**YOUR ASSIGNMENT:**
Pictures excluded, output the lines of the data below between the one holding "Topology: 69 solids, 69" and the one holding "#287 = CIRCLE ( 'NONE', #325, 150. ) ;", inclusive, exactly as they stand.

-- DATA LISTING follows --

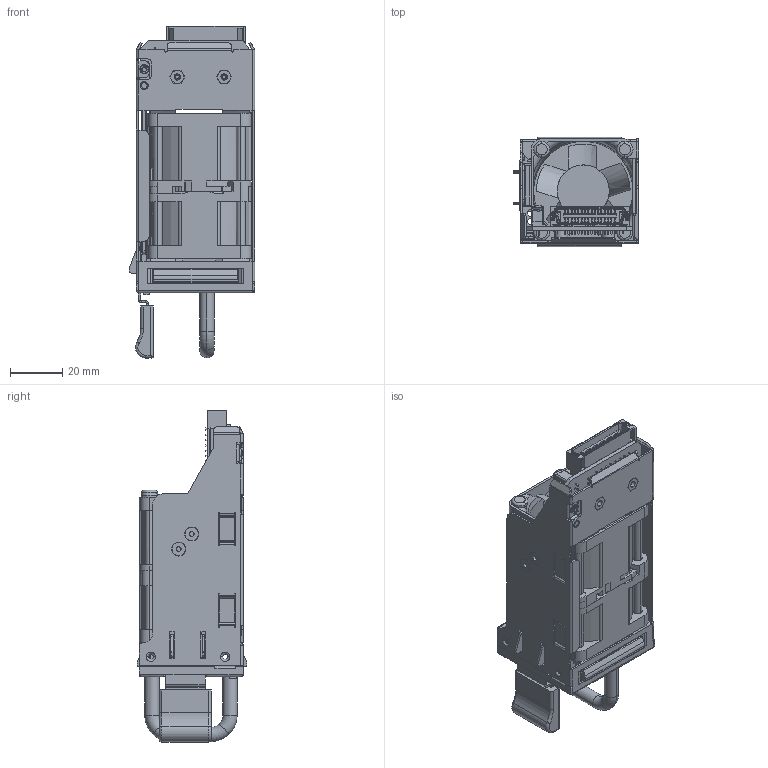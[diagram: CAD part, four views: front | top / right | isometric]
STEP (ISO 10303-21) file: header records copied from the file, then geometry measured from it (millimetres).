
FILE_DESCRIPTION((''),'2;1');
FILE_NAME('AGC5648S_FAN_MODULE__ASM','2017-02-08T',('ETHAN.CHAN'),(''),'PRO/ENGINEER BY PARAMETRIC TECHNOLOGY CORPORATION, 2009360','PRO/ENGINEER BY PARAMETRIC TECHNOLOGY CORPORATION, 2009360','');
FILE_SCHEMA(('AUTOMOTIVE_DESIGN_CC2 { 1 2 10303 214 -1 1 5 2 }'));
Length unit declared in the file: millimetre
Products named in the file (67): 3469443002_FAN_BKT_433U_1; P_STANDOFF_M25_L48_1; LATCH_FA_3469209300_1; L9032NB_FAN_LP-ALIGN-PIN_1; PULL_SCREW_FLAT_16T_1; FAN_TRAY_BRACKET_ASM_1_ASM; FAN_MODULE_PCB_1; _A2001WV2-8P-5E_1; A2001WV2-8P-5E_ASM_1_ASM; _A2001H02-8P_1; A2001H02-8P_ASM_1_ASM; ___J29_1; ___J30_1; ___J31_1; ___J32_1; ___J33_1; ___J11_1; ___J4_1; ___J1_1; ___J2_1; ___J5_1; ___J3_1; ___J6_1; ___J7_1; ___J8_1; ___J9_1; ___J10_1; ___J12_1; ___J13_1; ___J14_1; ___J15_1; ___J16_1; ___J17_1; ___J18_1; ___J19_1; ___J20_1; ___J21_1; ___J22_1; ___J23_1; ___J24_1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
Assembly tree (74 placements, depth 5):
  AGC5648S_FAN_MODULE__ASM
    FAN_TRAY_BRACKET_ASM_1_ASM
      3469443002_FAN_BKT_433U_1
      P_STANDOFF_M25_L48_1  x2
      LATCH_FA_3469209300_1
      L9032NB_FAN_LP-ALIGN-PIN_1
      PULL_SCREW_FLAT_16T_1  x2
    FAN_MODULE_PCB_ASM_2_ASM
      FAN_MODULE_PCB_1
      A2001WV2-8P-5E_ASM_1_ASM
        _A2001WV2-8P-5E_1
      A2001H02-8P_ASM_1_ASM
        _A2001H02-8P_1
      MSCSM32-08-02-RS_ASM_1_ASM
        MSCSM32-08-02-RS_ANY_ASM_1_ASM
          ___J29_1
          ___J30_1
          ___J31_1
          ___J32_1
          ___J33_1
          ___J11_1
          ___J4_1
          ___J1_1
          ___J2_1
          ___J5_1
          ___J3_1
          ___J6_1
          ___J7_1
          ___J8_1
          ___J9_1
          ___J10_1
          ___J12_1
          ___J13_1
          ___J14_1
          ___J15_1
          ___J16_1
          ___J17_1
          ___J18_1
          ___J19_1
          ___J20_1
          ___J21_1
          ___J22_1
          ___J23_1
          ___J24_1
          ___J25_1
          ___J26_1
          ___J27_1
          ___J28_1
    4056_DF00_ASM_1_ASM
      4056_DF00_ASM_1_ASM_1_ASM
        MSBR-4_1_1
        MSBR-3_1_1
        MSBR-2_1_1
        MSBR-1_1_2
    3252506403_AG9032_FAN_LP_1
    SRF3_5-65_ASM_1_ASM  x4
      SRF3_5-65_________ANY_ASM_1_ASM
        SRF3_5-65A_ANY_1
        SRF3_5-65B_ANY_1
    3105460500_1  x2
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Bounding box: 48.2 x 42 x 127.69 mm (x, y, z)
Volume: 66231.9 mm3; surface area: 70642.2 mm2
Topology: 69 solids, 69 shells, 7171 faces, 19878 edges, 12810 vertices
Faces by surface type: plane 5976, cylinder 922, cone 95, bspline 94, torus 75, extrusion 9
Entity records: 249836 total; most frequent: CARTESIAN_POINT 46132, ORIENTED_EDGE 38252, DIRECTION 34691, EDGE_CURVE 19126, VECTOR 16855, LINE 16846, VERTEX_POINT 12327, AXIS2_PLACEMENT_3D 8918
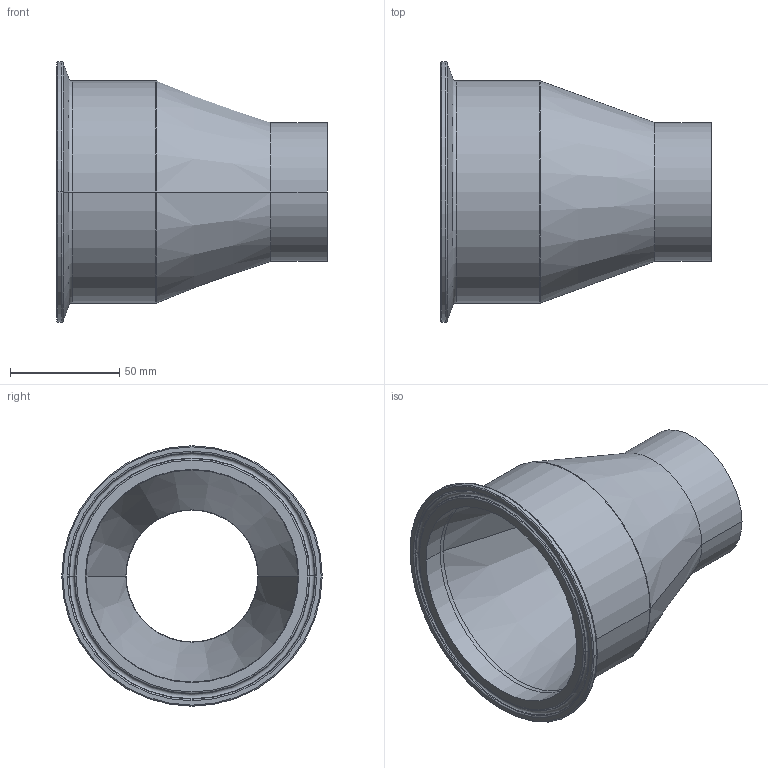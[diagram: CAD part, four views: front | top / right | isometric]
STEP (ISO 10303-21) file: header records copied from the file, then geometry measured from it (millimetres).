
FILE_DESCRIPTION (( 'STEP AP214' ), '1' );
FILE_NAME ('TE31SCW6L4.0x2.5-...STEP', '2016-05-29T12:07:10', ( 'eran' ), ( '' ), 'SwSTEP 2.0', 'SolidWorks 2016', '' );
FILE_SCHEMA (( 'AUTOMOTIVE_DESIGN' ));
Length unit declared in the file: millimetre
Products named in the file (1): TE31SCW6L4.0x2.5-..
Bounding box: 123.83 x 119 x 119 mm (x, y, z)
Volume: 212161.7 mm3; surface area: 69777.2 mm2
Topology: 1 solids, 1 shells, 41 faces, 82 edges, 44 vertices
Faces by surface type: torus 16, cone 12, cylinder 10, plane 3
Entity records: 1098 total; most frequent: DIRECTION 226, CARTESIAN_POINT 168, ORIENTED_EDGE 164, AXIS2_PLACEMENT_3D 102, EDGE_CURVE 82, CIRCLE 60, VERTEX_POINT 44, EDGE_LOOP 44
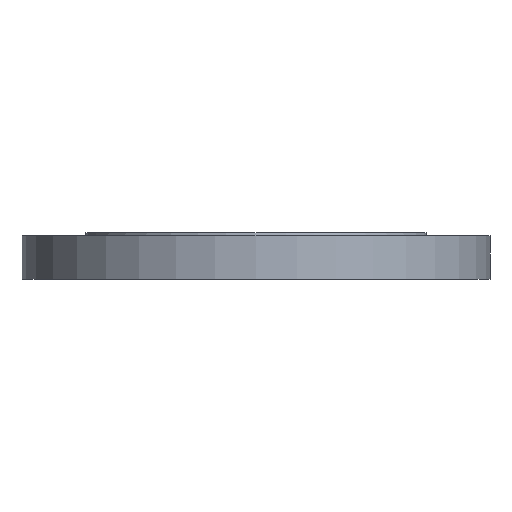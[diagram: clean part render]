
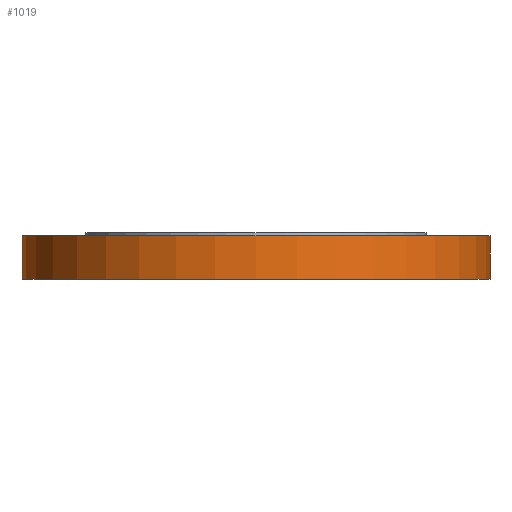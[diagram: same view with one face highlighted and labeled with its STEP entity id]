
A CAD part, front view. The second image highlights one B-rep face of the part: STEP entity #1019.
In plain terms, the highlighted cylindrical face has radius 150 mm (diameter 300 mm), a partial arc.
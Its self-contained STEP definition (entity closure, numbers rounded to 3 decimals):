
#14 = CIRCLE ( 'NONE', #23, 150. ) ;
#22 = DIRECTION ( 'NONE',  ( -1., 0., 0. ) ) ;
#23 = AXIS2_PLACEMENT_3D ( 'NONE', #519, #801, #22 ) ;
#37 = DIRECTION ( 'NONE',  ( -1., 0., 0. ) ) ;
#79 = CARTESIAN_POINT ( 'NONE',  ( 150., 0., -85. ) ) ;
#158 = DIRECTION ( 'NONE',  ( 1., 0., 0. ) ) ;
#183 = VECTOR ( 'NONE', #275, 1000. ) ;
#212 = VECTOR ( 'NONE', #776, 1000. ) ;
#234 = ORIENTED_EDGE ( 'NONE', *, *, #952, .F. ) ;
#247 = ORIENTED_EDGE ( 'NONE', *, *, #277, .T. ) ;
#253 = CYLINDRICAL_SURFACE ( 'NONE', #310, 150. ) ;
#275 = DIRECTION ( 'NONE',  ( 0., 0., 1. ) ) ;
#277 = EDGE_CURVE ( 'NONE', #833, #380, #1034, .T. ) ;
#287 = CIRCLE ( 'NONE', #325, 150. ) ;
#289 = EDGE_CURVE ( 'NONE', #755, #658, #974, .T. ) ;
#310 = AXIS2_PLACEMENT_3D ( 'NONE', #623, #894, #158 ) ;
#312 = CARTESIAN_POINT ( 'NONE',  ( 150., 0., -30. ) ) ;
#325 = AXIS2_PLACEMENT_3D ( 'NONE', #534, #813, #37 ) ;
#380 = VERTEX_POINT ( 'NONE', #509 ) ;
#381 = CARTESIAN_POINT ( 'NONE',  ( -150., 0., -2. ) ) ;
#400 = CARTESIAN_POINT ( 'NONE',  ( -150., 0., -85. ) ) ;
#436 = EDGE_CURVE ( 'NONE', #380, #658, #14, .T. ) ;
#467 = EDGE_LOOP ( 'NONE', ( #654, #234, #247, #1040 ) ) ;
#509 = CARTESIAN_POINT ( 'NONE',  ( 150., 0., -2. ) ) ;
#519 = CARTESIAN_POINT ( 'NONE',  ( 0., 0., -2. ) ) ;
#534 = CARTESIAN_POINT ( 'NONE',  ( 0., 0., -30. ) ) ;
#623 = CARTESIAN_POINT ( 'NONE',  ( 0., 0., -85. ) ) ;
#646 = CARTESIAN_POINT ( 'NONE',  ( -150., 0., -30. ) ) ;
#654 = ORIENTED_EDGE ( 'NONE', *, *, #289, .F. ) ;
#658 = VERTEX_POINT ( 'NONE', #381 ) ;
#755 = VERTEX_POINT ( 'NONE', #646 ) ;
#776 = DIRECTION ( 'NONE',  ( 0., 0., 1. ) ) ;
#801 = DIRECTION ( 'NONE',  ( 0., 0., -1. ) ) ;
#813 = DIRECTION ( 'NONE',  ( 0., 0., -1. ) ) ;
#833 = VERTEX_POINT ( 'NONE', #312 ) ;
#894 = DIRECTION ( 'NONE',  ( 0., 0., 1. ) ) ;
#952 = EDGE_CURVE ( 'NONE', #833, #755, #287, .T. ) ;
#955 = FACE_OUTER_BOUND ( 'NONE', #467, .T. ) ;
#974 = LINE ( 'NONE', #400, #183 ) ;
#1019 = ADVANCED_FACE ( 'NONE', ( #955 ), #253, .T. ) ;
#1034 = LINE ( 'NONE', #79, #212 ) ;
#1040 = ORIENTED_EDGE ( 'NONE', *, *, #436, .T. ) ;

-- DATA LISTING concluded --

**REPLY TO THE EXERCISE:**
Topology: 69 solids, 69 shells, 7171 faces, 19878 edges, 12810 vertices
Faces by surface type: plane 5976, cylinder 922, cone 95, bspline 94, torus 75, extrusion 9
Entity records: 249836 total; most frequent: CARTESIAN_POINT 46132, ORIENTED_EDGE 38252, DIRECTION 34691, EDGE_CURVE 19126, VECTOR 16855, LINE 16846, VERTEX_POINT 12327, AXIS2_PLACEMENT_3D 8918
[diagram: CAD part, four views: front | top / right | isometric]
STEP (ISO 10303-21) file: header records copied from the file, then geometry measured from it (millimetres).
FILE_DESCRIPTION (( 'STEP AP214' ), '1' );
FILE_NAME ('TE31SCW6L4.0x2.5-...STEP', '2016-05-29T12:07:10', ( 'eran' ), ( '' ), 'SwSTEP 2.0', 'SolidWorks 2016', '' );
FILE_SCHEMA (( 'AUTOMOTIVE_DESIGN' ));
Length unit declared in the file: millimetre
Products named in the file (1): TE31SCW6L4.0x2.5-..
Bounding box: 123.83 x 119 x 119 mm (x, y, z)
Volume: 212161.7 mm3; surface area: 69777.2 mm2
Topology: 1 solids, 1 shells, 41 faces, 82 edges, 44 vertices
Faces by surface type: torus 16, cone 12, cylinder 10, plane 3
Entity records: 1098 total; most frequent: DIRECTION 226, CARTESIAN_POINT 168, ORIENTED_EDGE 164, AXIS2_PLACEMENT_3D 102, EDGE_CURVE 82, CIRCLE 60, VERTEX_POINT 44, EDGE_LOOP 44
[diagram: clean part render]
[diagram: same view with one face highlighted and labeled with its STEP entity id]
A CAD part, front view. The second image highlights one B-rep face of the part: STEP entity #1019.
In plain terms, the highlighted cylindrical face has radius 150 mm (diameter 300 mm), a partial arc.
Its self-contained STEP definition (entity closure, numbers rounded to 3 decimals):
#14 = CIRCLE ( 'NONE', #23, 150. ) ;
#22 = DIRECTION ( 'NONE',  ( -1., 0., 0. ) ) ;
#23 = AXIS2_PLACEMENT_3D ( 'NONE', #519, #801, #22 ) ;
#37 = DIRECTION ( 'NONE',  ( -1., 0., 0. ) ) ;
#79 = CARTESIAN_POINT ( 'NONE',  ( 150., 0., -85. ) ) ;
#158 = DIRECTION ( 'NONE',  ( 1., 0., 0. ) ) ;
#183 = VECTOR ( 'NONE', #275, 1000. ) ;
#212 = VECTOR ( 'NONE', #776, 1000. ) ;
#234 = ORIENTED_EDGE ( 'NONE', *, *, #952, .F. ) ;
#247 = ORIENTED_EDGE ( 'NONE', *, *, #277, .T. ) ;
#253 = CYLINDRICAL_SURFACE ( 'NONE', #310, 150. ) ;
#275 = DIRECTION ( 'NONE',  ( 0., 0., 1. ) ) ;
#277 = EDGE_CURVE ( 'NONE', #833, #380, #1034, .T. ) ;
#287 = CIRCLE ( 'NONE', #325, 150. ) ;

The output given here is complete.